**What the task asks**.
Only the number is needed: how many lines of the entries below contain the word "Topology".

**Task inputs**.
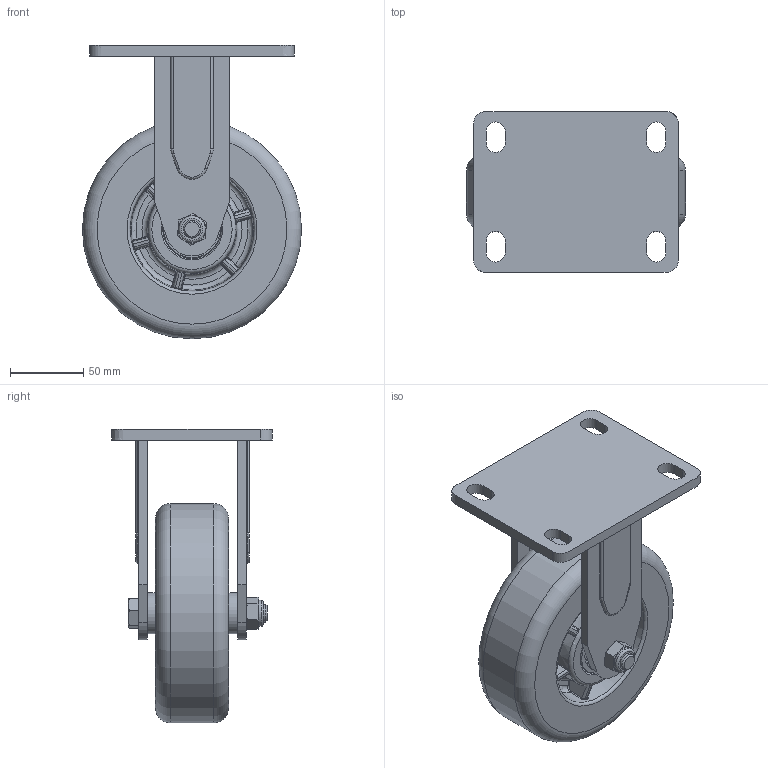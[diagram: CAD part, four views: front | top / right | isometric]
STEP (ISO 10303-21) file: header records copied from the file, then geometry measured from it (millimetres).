
FILE_DESCRIPTION(/* description */ (''),/* implementation_level */ '2;1');
FILE_NAME(/* name */ '36A09_6_F.stp',/* time_stamp */ '2022-08-29T09:00:02+08:00',/* author */ (''),/* organization */ (''),/* preprocessor_version */ 'ST-DEVELOPER v14',/* originating_system */ 'SIEMENS PLM Software NX 8.0',/* authorisation */ '');
FILE_SCHEMA (('AUTOMOTIVE_DESIGN { 1 0 10303 214 3 1 1 1 }'));
Products named in the file (1): 36A09_6_F
Bounding box: 150 x 110 x 201 mm (x, y, z)
Volume: 944579.7 mm3; surface area: 156590.8 mm2
Topology: 1 solids, 3 shells, 879 faces, 2286 edges, 1413 vertices
Faces by surface type: plane 390, cylinder 209, bspline 192, cone 49, torus 37, extrusion 2
Full cylindrical faces by diameter (mm): 12 x2, 12.3 x2, 12.4 x1, 18 x1, 19.9 x3, 20.5 x2, 24.188 x4, 28 x2, 32.812 x2, 39.85 x2, 40 x2, 150 x1
Entity records: 42983 total; most frequent: CARTESIAN_POINT 23221, ORIENTED_EDGE 4402, DIRECTION 3821, EDGE_CURVE 2201, AXIS2_PLACEMENT_3D 1622, VERTEX_POINT 1378, EDGE_LOOP 983, CIRCLE 924
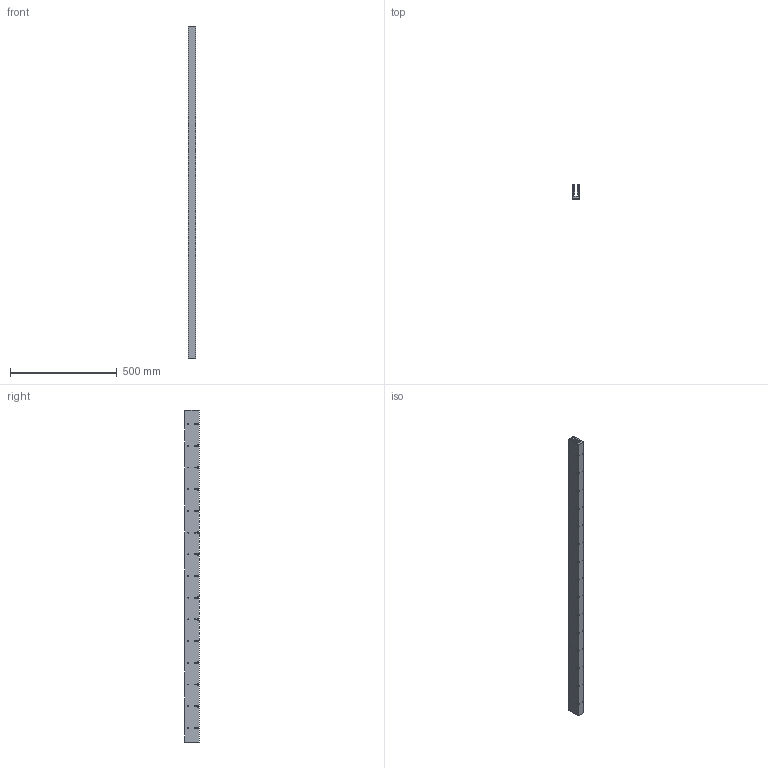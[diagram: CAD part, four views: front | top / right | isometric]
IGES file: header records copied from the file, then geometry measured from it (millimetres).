
Global section: file name: No Iges File Name specified; native system: Autodesk Inventor 2009; preprocessor: AutoDesk Inventor Iges Exporter R2009; author: je17857; date: 20091116.111757; units: inch
Bounding box: 34.29 x 67.31 x 1554.48 mm (x, y, z)
Volume: 2324650.8 mm3; surface area: 584143.4 mm2
Topology: 1 solids, 1 shells, 790 faces, 1878 edges, 1252 vertices
Faces by surface type: plane 550, bspline 240
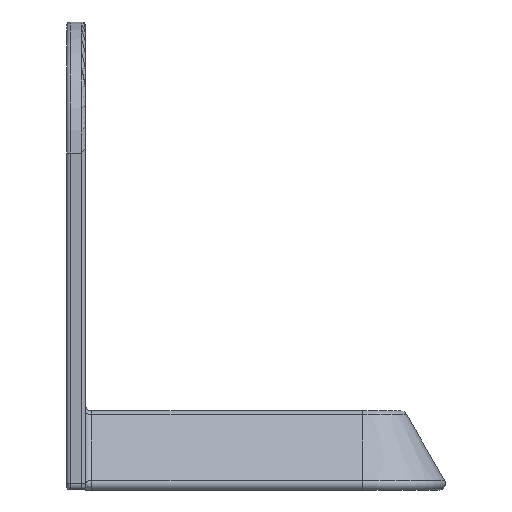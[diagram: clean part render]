
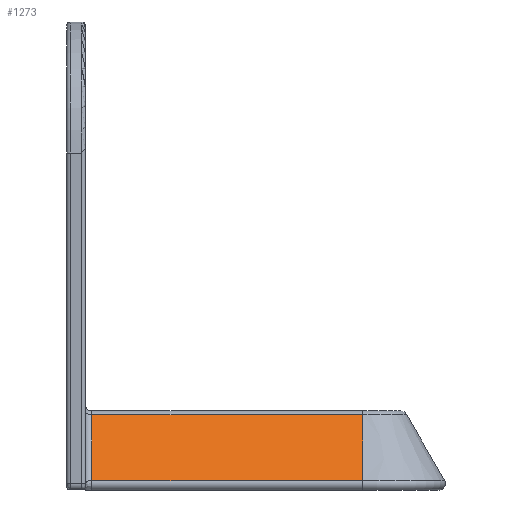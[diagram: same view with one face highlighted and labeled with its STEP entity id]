
A CAD part, left-side view. The second image highlights one B-rep face of the part: STEP entity #1273.
In plain terms, the highlighted planar face has unit normal (-0.867, 0, 0.499).
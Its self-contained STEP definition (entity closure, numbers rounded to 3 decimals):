
#44=PLANE('',#1431);
#116=LINE('',#2702,#198);
#117=LINE('',#2705,#199);
#118=LINE('',#2709,#200);
#119=LINE('',#2710,#201);
#198=VECTOR('',#1780,1.);
#199=VECTOR('',#1783,10.);
#200=VECTOR('',#1788,10.);
#201=VECTOR('',#1789,10.);
#324=FACE_OUTER_BOUND('',#405,.T.);
#405=EDGE_LOOP('',(#1144,#1145,#1146,#1147));
#595=VERTEX_POINT('',#2488);
#624=VERTEX_POINT('',#2698);
#625=VERTEX_POINT('',#2704);
#626=VERTEX_POINT('',#2708);
#799=EDGE_CURVE('',#624,#595,#116,.T.);
#800=EDGE_CURVE('',#595,#625,#117,.T.);
#802=EDGE_CURVE('',#626,#624,#118,.T.);
#803=EDGE_CURVE('',#625,#626,#119,.T.);
#1144=ORIENTED_EDGE('',*,*,#799,.F.);
#1145=ORIENTED_EDGE('',*,*,#802,.F.);
#1146=ORIENTED_EDGE('',*,*,#803,.F.);
#1147=ORIENTED_EDGE('',*,*,#800,.F.);
#1273=ADVANCED_FACE('',(#324),#44,.T.);
#1431=AXIS2_PLACEMENT_3D('',#2707,#1786,#1787);
#1780=DIRECTION('',(0.,1.,0.));
#1783=DIRECTION('',(0.499,0.,0.867));
#1786=DIRECTION('center_axis',(-0.867,0.,0.499));
#1787=DIRECTION('ref_axis',(-0.499,0.,-0.867));
#1788=DIRECTION('',(-0.499,0.,-0.867));
#1789=DIRECTION('',(0.,-1.,0.));
#2488=CARTESIAN_POINT('',(-7.021,-4.,1.492));
#2698=CARTESIAN_POINT('',(-7.021,-47.,1.492));
#2702=CARTESIAN_POINT('',(-7.021,-3.,1.492));
#2704=CARTESIAN_POINT('',(-1.,-4.,11.96));
#2705=CARTESIAN_POINT('',(1.901,-4.,17.004));
#2707=CARTESIAN_POINT('Origin',(-1.,-3.,11.96));
#2708=CARTESIAN_POINT('',(-1.,-47.,11.96));
#2709=CARTESIAN_POINT('',(-2.342,-47.,9.627));
#2710=CARTESIAN_POINT('',(-1.,-3.,11.96));

**Response to the task**.
2